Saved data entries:

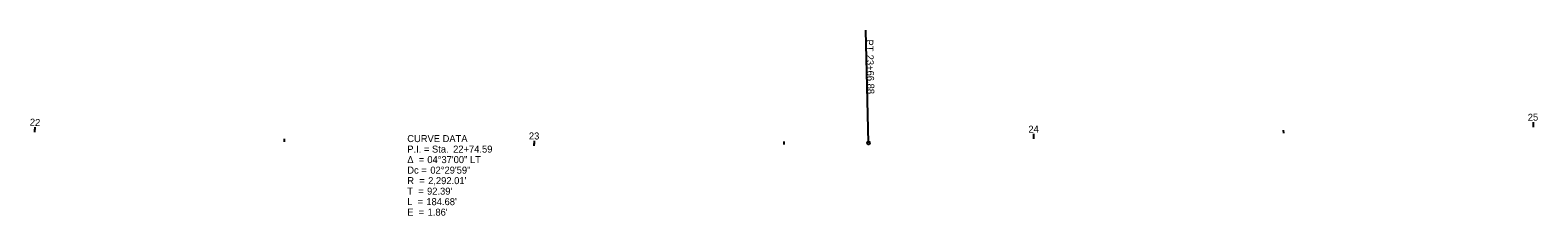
# Model space of a CAD drawing. Extents: x 2273904 to 2275373, y 654575 to 654883.
# Drawn here: x 2274704.3 to 2275006.1, y 654682.9 to 654719.9 of the extents above; entities that cross this region are included whole.
import ezdxf

# ---------------------------------------------------------------- set-up
doc = ezdxf.new("R2010")
doc.units = 0
for name, color, linetype in [('DR_P_Headwall', 7, 'Continuous'), ('DR_P_Storm_Sewer', 7, 'Continuous'), ('GE_X_Alignment_1000_Stations', 7, 'Continuous'), ('GE_X_Alignment_500_Stations', 7, 'Continuous'), ('PV_P_Drive', 7, 'Continuous'), ('PV_P_EOP', 7, 'Continuous')]:
    doc.layers.add(name, color=color, linetype=linetype)

msp = doc.modelspace()

# ---------------------------------------------------------------- linework, layer by layer
at = {"layer": 'DR_P_Storm_Sewer'}
for p, q in [((2274872.11, 654697.43), (2274871.58, 654719.93)), ((2274705.28, 654699.57), (2274705.31, 654700.17)), ((2275005.19, 654700.57), (2275005.17, 654701.57)), ((2274805.23, 654696.83), (2274805.24, 654697.43)), ((2274905.22, 654698.22), (2274905.21, 654698.82))]:
    msp.add_line(p, q, dxfattribs=at)
msp.add_circle((2274872.11, 654697.43), 0.3, dxfattribs=at)
at = {"layer": 'GE_X_Alignment_1000_Stations'}
for p, q in [((2274872.11, 654697.43), (2274871.58, 654719.93)), ((2274705.28, 654699.57), (2274705.33, 654700.57)), ((2274955.21, 654699.39), (2274955.19, 654699.99)), ((2275005.19, 654700.57), (2275005.17, 654701.57)), ((2274755.24, 654697.66), (2274755.26, 654698.26)), ((2274805.23, 654696.83), (2274805.24, 654697.83)), ((2274855.23, 654697.1), (2274855.22, 654697.7)), ((2274905.22, 654698.22), (2274905.2, 654699.22))]:
    msp.add_line(p, q, dxfattribs=at)
msp.add_circle((2274872.11, 654697.43), 0.3, dxfattribs=at)
at = {"layer": 'PV_P_Drive'}
for p, q in [((2274872.11, 654697.43), (2274871.58, 654719.93)), ((2275005.19, 654700.57), (2275005.18, 654701.17))]:
    msp.add_line(p, q, dxfattribs=at)
msp.add_circle((2274872.11, 654697.43), 0.3, dxfattribs=at)

# ---------------------------------------------------------------- texts
at = {"layer": 'DR_P_Headwall'}
for s, p in [('CURVE DATA', (2274779.81, 654697.58)), ('P.I. = Sta. ', (2274779.81, 654695.48)), ('22+74.59', (2274788.99, 654695.48)), ('Δ  = ', (2274779.81, 654693.38)), ('04°37\'00" LT', (2274783.82, 654693.38)), ('Dc = ', (2274779.81, 654691.28)), ('02°29\'59"', (2274784.43, 654691.28)), ('T  = ', (2274779.81, 654687.08)), ('R  = ', (2274779.81, 654689.18)), ("92.39'", (2274783.77, 654687.08)), ("2,292.01'", (2274783.99, 654689.18)), ('L  = ', (2274779.81, 654684.98)), ("184.68'", (2274783.63, 654684.98)), ('E  = ', (2274779.81, 654682.88)), ("1.86'", (2274783.88, 654682.88))]:
    msp.add_text(s, height=1.4, dxfattribs=at).set_placement(p)
at = {"layer": 'DR_P_Storm_Sewer'}
for s, rotation, p in [('PT', 271.351, (2274871.65, 654718.06)), ('23+66.88', 271.351, (2274871.72, 654715.02)), ('25', 1.351, (2275004.06, 654701.82))]:
    msp.add_text(s, height=1.4, rotation=rotation, dxfattribs=at).set_placement(p)
at = {"layer": 'GE_X_Alignment_1000_Stations'}
for s, rotation, p in [('PT', 271.351, (2274871.65, 654718.06)), ('23+66.88', 271.351, (2274871.72, 654715.02)), ('25', 1.351, (2275004.06, 654701.82)), ('22', 357.1793, (2274704.25, 654700.88)), ('24', 1.351, (2274904.12, 654699.44)), ('23', 359.6791, (2274804.15, 654698.11))]:
    msp.add_text(s, height=1.4, rotation=rotation, dxfattribs=at).set_placement(p)
at = {"layer": 'GE_X_Alignment_500_Stations'}
for s, p in [('CURVE DATA', (2274779.81, 654697.58)), ('P.I. = Sta. ', (2274779.81, 654695.48)), ('22+74.59', (2274788.99, 654695.48)), ('Δ  = ', (2274779.81, 654693.38)), ('04°37\'00" LT', (2274783.82, 654693.38)), ('Dc = ', (2274779.81, 654691.28)), ('02°29\'59"', (2274784.43, 654691.28)), ('T  = ', (2274779.81, 654687.08)), ('R  = ', (2274779.81, 654689.18)), ("92.39'", (2274783.77, 654687.08)), ("2,292.01'", (2274783.99, 654689.18)), ('L  = ', (2274779.81, 654684.98)), ("184.68'", (2274783.63, 654684.98)), ('E  = ', (2274779.81, 654682.88)), ("1.86'", (2274783.88, 654682.88))]:
    msp.add_text(s, height=1.4, dxfattribs=at).set_placement(p)
at = {"layer": 'PV_P_Drive'}
for s, p in [('PT', (2274871.65, 654718.06)), ('23+66.88', (2274871.72, 654715.02))]:
    msp.add_text(s, height=1.4, rotation=271.351, dxfattribs=at).set_placement(p)
at = {"layer": 'PV_P_EOP'}
for s, p in [('CURVE DATA', (2274779.81, 654697.58)), ('P.I. = Sta. ', (2274779.81, 654695.48)), ('22+74.59', (2274788.99, 654695.48)), ('Δ  = ', (2274779.81, 654693.38)), ('04°37\'00" LT', (2274783.82, 654693.38)), ('Dc = ', (2274779.81, 654691.28)), ('02°29\'59"', (2274784.43, 654691.28)), ('T  = ', (2274779.81, 654687.08)), ('R  = ', (2274779.81, 654689.18)), ("92.39'", (2274783.77, 654687.08)), ("2,292.01'", (2274783.99, 654689.18)), ('L  = ', (2274779.81, 654684.98)), ("184.68'", (2274783.63, 654684.98)), ('E  = ', (2274779.81, 654682.88)), ("1.86'", (2274783.88, 654682.88))]:
    msp.add_text(s, height=1.4, dxfattribs=at).set_placement(p)

doc.saveas('drawing.dxf')
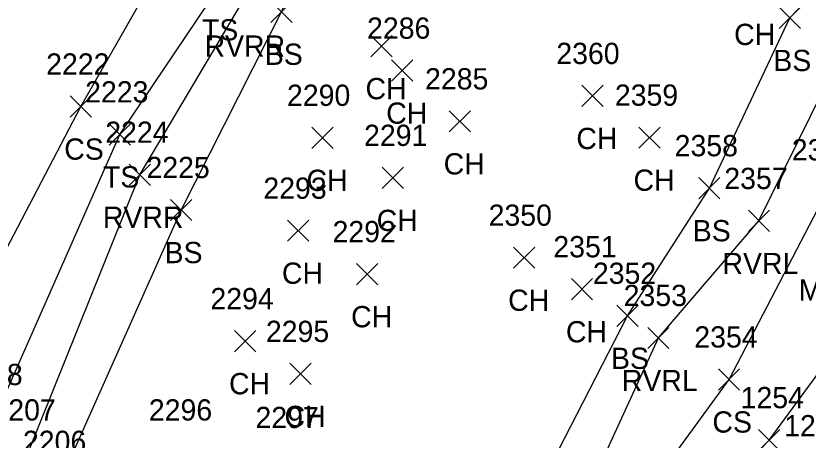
# Model space of a CAD drawing. Extents: x 1459992 to 1461532, y 647785 to 648535.
# Drawn here: x 1461256.6 to 1461331.1, y 648118.2 to 648158.1 of the extents above; entities that cross this region are included whole.
import ezdxf

# ---------------------------------------------------------------- set-up
doc = ezdxf.new("R2010")
doc.units = 0
for name, color, linetype in [('L_A', 7, 'Continuous'), ('L_C', 7, 'Continuous'), ('L_I', 7, 'Continuous'), ('L_TIC', 7, 'Continuous'), ('LAWE', 7, 'Continuous'), ('LELB', 7, 'Continuous')]:
    doc.layers.add(name, color=color, linetype=linetype)

msp = doc.modelspace()

# ---------------------------------------------------------------- linework, layer by layer
at = {"layer": 'L_TIC'}
for points in [[(1461280.565, 648157.473), (1461282.565, 648159.473)], [(1461282.565, 648157.473), (1461280.565, 648159.473)], [(1461328.36, 648156.887), (1461330.36, 648158.887)], [(1461330.36, 648156.887), (1461328.36, 648158.887)], [(1461289.984, 648154.239), (1461291.984, 648156.239)], [(1461291.984, 648154.239), (1461289.984, 648156.239)], [(1461291.929, 648151.933), (1461293.929, 648153.933)], [(1461293.929, 648151.933), (1461291.929, 648153.933)], [(1461309.798, 648149.552), (1461311.798, 648151.552)], [(1461311.798, 648149.552), (1461309.798, 648151.552)], [(1461261.717, 648148.553), (1461263.717, 648150.553)], [(1461263.717, 648148.553), (1461261.717, 648150.553)], [(1461297.329, 648147.163), (1461299.329, 648149.163)], [(1461299.329, 648147.163), (1461297.329, 648149.163)], [(1461265.382, 648145.936), (1461267.382, 648147.936)], [(1461267.382, 648145.936), (1461265.382, 648147.936)], [(1461284.439, 648145.614), (1461286.439, 648147.614)], [(1461286.439, 648145.614), (1461284.439, 648147.614)], [(1461315.173, 648145.628), (1461317.173, 648147.628)], [(1461317.173, 648145.628), (1461315.173, 648147.628)], [(1461267.272, 648142.142), (1461269.272, 648144.142)], [(1461269.272, 648142.142), (1461267.272, 648144.142)], [(1461291.031, 648141.845), (1461293.031, 648143.845)], [(1461293.031, 648141.845), (1461291.031, 648143.845)], [(1461320.787, 648140.876), (1461322.787, 648142.876)], [(1461322.787, 648140.876), (1461320.787, 648142.876)], [(1461271.144, 648138.82), (1461273.144, 648140.82)], [(1461273.144, 648138.82), (1461271.144, 648140.82)], [(1461325.453, 648137.792), (1461327.453, 648139.792)], [(1461327.453, 648137.792), (1461325.453, 648139.792)], [(1461282.129, 648136.877), (1461284.129, 648138.877)], [(1461284.129, 648136.877), (1461282.129, 648138.877)], [(1461303.386, 648134.335), (1461305.386, 648136.335)], [(1461305.386, 648134.335), (1461303.386, 648136.335)], [(1461288.632, 648132.79), (1461290.632, 648134.79)], [(1461290.632, 648132.79), (1461288.632, 648134.79)], [(1461308.82, 648131.369), (1461310.82, 648133.369)], [(1461310.82, 648131.369), (1461308.82, 648133.369)], [(1461313.102, 648128.874), (1461315.102, 648130.874)], [(1461315.102, 648128.874), (1461313.102, 648130.874)], [(1461277.155, 648126.485), (1461279.155, 648128.485)], [(1461279.155, 648126.485), (1461277.155, 648128.485)], [(1461315.994, 648126.784), (1461317.994, 648128.784)], [(1461317.994, 648126.784), (1461315.994, 648128.784)], [(1461282.37, 648123.405), (1461284.37, 648125.405)], [(1461284.37, 648123.405), (1461282.37, 648125.405)], [(1461322.636, 648122.883), (1461324.636, 648124.883)], [(1461324.636, 648122.883), (1461322.636, 648124.883)], [(1461326.419, 648117.176), (1461328.419, 648119.176)], [(1461328.419, 648117.176), (1461326.419, 648119.176)]]:
    msp.add_lwpolyline(points, dxfattribs=at)
at = {"layer": 'LAWE'}
for points in [[(1461220.159, 648021.615), (1461235.47, 648039.294), (1461252.966, 648048.327), (1461267.663, 648064.216), (1461276.22, 648071.524), (1461288.833, 648087.698), (1461307.75, 648107.551), (1461316.994, 648127.784), (1461326.453, 648138.792), (1461334.868, 648155.88), (1461340.573, 648163.303), (1461349.799, 648178.335), (1461354.706, 648199.541), (1461353.8, 648220.98), (1461352.341, 648246.452), (1461354.078, 648262.219), (1461358.254, 648276.136), (1461371.394, 648295.376), (1461381.983, 648319.016), (1461394.178, 648330.617), (1461418.251, 648335.818), (1461440.86, 648338.789), (1461464.612, 648337.5), (1461486.388, 648342.471)], [(1461175.582, 648047.692), (1461190.072, 648060.795), (1461210.579, 648076.7), (1461225.386, 648087.992), (1461242.999, 648102.806), (1461257.751, 648117.016), (1461268.272, 648143.142), (1461277.829, 648159.24), (1461282.957, 648175.462), (1461289.558, 648186.996), (1461293.87, 648195.588), (1461292.337, 648203.444)]]:
    msp.add_lwpolyline(points, dxfattribs=at)
at = {"layer": 'LELB'}
for points in [[(1461216.735, 648025.379), (1461232.531, 648043.682), (1461249.111, 648052.696), (1461265.41, 648068.573), (1461273.176, 648074.771), (1461285.769, 648090.042), (1461304.003, 648110.191), (1461314.102, 648129.874), (1461321.787, 648141.876), (1461329.36, 648157.887), (1461338.075, 648167.022), (1461343.94, 648182.363), (1461347.487, 648202.693), (1461348.844, 648222.98), (1461349.522, 648245.94), (1461349.946, 648262.877), (1461353.497, 648277.365), (1461366.77, 648299.226), (1461380.277, 648319.065), (1461391.623, 648332.953), (1461418.599, 648338.961), (1461441.306, 648340.652), (1461465.695, 648340.733), (1461485.923, 648346.235)], [(1461181.212, 648043.592), (1461191.79, 648059.054), (1461212.855, 648073.874), (1461227.371, 648085.596), (1461246.178, 648099.024), (1461260.669, 648114.058), (1461272.144, 648139.82), (1461281.565, 648158.473), (1461288.148, 648173.487), (1461292.193, 648183.75), (1461298.563, 648193.295), (1461300.86, 648204.122), (1461298.63, 648210.737)], [(1461171.661, 648050.372), (1461189.066, 648062.585), (1461207.829, 648079.497), (1461223.93, 648090.745), (1461240.199, 648105.174), (1461254.637, 648120.348), (1461266.382, 648146.936), (1461275.686, 648160.772), (1461281.846, 648176.9), (1461284.459, 648191.448), (1461287.846, 648196.16)], [(1461162.415, 648057.492), (1461184.81, 648068.652), (1461202.033, 648084.354), (1461220.873, 648096.789), (1461234.917, 648111.93), (1461250.129, 648125.473), (1461262.717, 648149.553), (1461271.471, 648164.918), (1461276.289, 648181.15), (1461284.459, 648191.448)], [(1461222.105, 648019.642), (1461239.41, 648035.454), (1461252.966, 648048.327), (1461269.635, 648062.753), (1461277.559, 648070.159), (1461291.696, 648084.237), (1461310.278, 648105.504), (1461323.636, 648123.883), (1461332.795, 648141.481), (1461336.745, 648150.816)], [(1461226.023, 648017.252), (1461244.712, 648034.329), (1461263.294, 648051.101), (1461279.296, 648066.077), (1461297.191, 648082.439), (1461309.728, 648099.716), (1461327.419, 648118.176), (1461335.223, 648128.809), (1461339.468, 648139.304)]]:
    msp.add_lwpolyline(points, dxfattribs=at)

# ---------------------------------------------------------------- texts
at = {"layer": 'L_A'}
for s, p in [('TS', (1461274.096, 648155.772)), ('CH', (1461324.117, 648155.341)), ('RVRR', (1461274.341, 648154.24)), ('BS', (1461280.006, 648153.473)), ('BS', (1461327.8, 648152.887)), ('CH', (1461289.473, 648150.239)), ('CH', (1461291.418, 648147.933)), ('CH', (1461309.286, 648145.552)), ('CS', (1461261.158, 648144.553)), ('CH', (1461296.817, 648143.163)), ('TS', (1461264.791, 648141.936)), ('CH', (1461283.927, 648141.614)), ('CH', (1461314.662, 648141.628)), ('RVRR', (1461264.784, 648138.142)), ('CH', (1461290.52, 648137.845)), ('BS', (1461320.228, 648136.876)), ('BS', (1461270.585, 648134.82)), ('RVRL', (1461323.02, 648133.792)), ('CH', (1461281.618, 648132.877)), ('CH', (1461302.875, 648130.335)), ('CH', (1461288.12, 648128.79)), ('CH', (1461308.308, 648127.369)), ('BS', (1461312.543, 648124.874)), ('CH', (1461276.644, 648122.485)), ('RVRL', (1461313.561, 648122.784)), ('CH', (1461281.858, 648119.405)), ('CS', (1461322.077, 648118.883))]:
    msp.add_text(s, height=2, dxfattribs=at).set_placement(p)
at = {"layer": 'L_C'}
msp.add_text('M.WILLOW', height=2, dxfattribs=at).set_placement((1461330.178, 648131.3))
at = {"layer": 'L_I'}
for s, p in [('2286', (1461289.615, 648155.933)), ('2360', (1461307.404, 648153.552)), ('2222', (1461259.457, 648152.553)), ('2285', (1461295.069, 648151.163)), ('2223', (1461263.122, 648149.936)), ('2290', (1461282.093, 648149.614)), ('2359', (1461312.906, 648149.628)), ('2224', (1461265.012, 648146.142)), ('2291', (1461289.338, 648145.845)), ('2358', (1461318.527, 648144.876)), ('2355', (1461329.535, 648144.481)), ('2225', (1461268.884, 648142.82)), ('2357', (1461323.193, 648141.792)), ('2293', (1461279.87, 648140.877)), ('2350', (1461301.04, 648138.335)), ('2292', (1461286.372, 648136.79)), ('2351', (1461307.127, 648135.369)), ('2352', (1461310.842, 648132.874)), ('2353', (1461313.734, 648130.784)), ('2294', (1461274.896, 648130.485)), ('2295', (1461280.11, 648127.405)), ('2354', (1461320.376, 648126.883)), ('2208', (1461251.299, 648123.348)), ('1254', (1461324.726, 648121.176)), ('2207', (1461254.413, 648120.016)), ('2296', (1461269.11, 648120.017)), ('2297', (1461279.131, 648119.302)), ('1255', (1461328.818, 648118.53)), ('2206', (1461257.275, 648117.058))]:
    msp.add_text(s, height=2, dxfattribs=at).set_placement(p)

doc.saveas('drawing.dxf')

**REQUIREMENT:** In the entries above, find each line that includes the string "whole" and copy it.

**SOLVED PROBLEM:**
# Drawn here: x 2274704.3 to 2275006.1, y 654682.9 to 654719.9 of the extents above; entities that cross this region are included whole.
# Drawn here: x 1461256.6 to 1461331.1, y 648118.2 to 648158.1 of the extents above; entities that cross this region are included whole.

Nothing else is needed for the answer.